*** The input ***

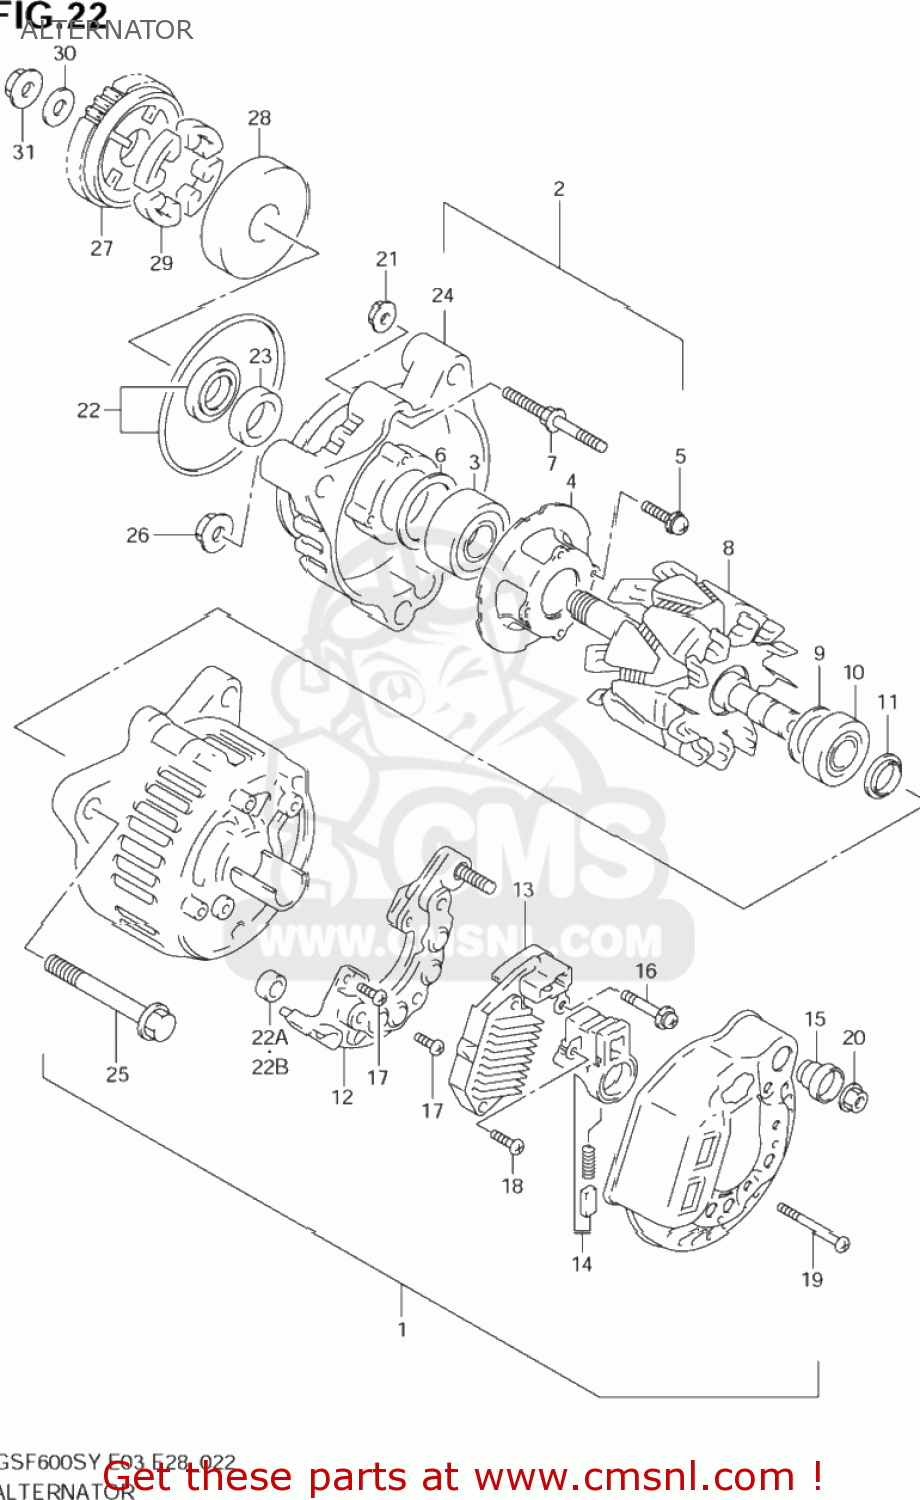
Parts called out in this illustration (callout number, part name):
1	ALTERNATOR ASSEMBLY
2	FRAME,DRIVE END
3	BEARING
4	RETAINER
5	SCREW(4X14)
6	COVER,BEARING
7	STUD BOLT
8	ROTOR ASSY
9	COVER,BEARING
10	BEARING
11	COVER(2)
12	HOLDER,RECTIFIER
13	REGULATOR ASSY
14	HOLDER,BRUSH
15	INSULATOR,TERMINAL
16	SCREW
17	SCREW 4X6
18	SCREW
19	SCREW
20	NUT
21	NUT
22	SERVICE KIT(A)
22A	SERVICE KIT,B
22B	SERVICE KIT(B)
23	SPACER
24	FRAME,END
25	BOLT
26	NUT
27	GEAR,GENERATOR DRIVEN
28	HOUSING,GENERATOR GEAR DAMPER
29	DAMPER,GENERATOR DRIVEN
30	WASHER
31	NUT

***

Give back the data exactly. Skip any images.

■ **Result of the exercise**:
Parts called out in this illustration (callout number, part name):
1	ALTERNATOR ASSEMBLY
2	FRAME,DRIVE END
3	BEARING
4	RETAINER
5	SCREW(4X14)
6	COVER,BEARING
7	STUD BOLT
8	ROTOR ASSY
9	COVER,BEARING
10	BEARING
11	COVER(2)
12	HOLDER,RECTIFIER
13	REGULATOR ASSY
14	HOLDER,BRUSH
15	INSULATOR,TERMINAL
16	SCREW
17	SCREW 4X6
18	SCREW
19	SCREW
20	NUT
21	NUT
22	SERVICE KIT(A)
22A	SERVICE KIT,B
22B	SERVICE KIT(B)
23	SPACER
24	FRAME,END
25	BOLT
26	NUT
27	GEAR,GENERATOR DRIVEN
28	HOUSING,GENERATOR GEAR DAMPER
29	DAMPER,GENERATOR DRIVEN
30	WASHER
31	NUT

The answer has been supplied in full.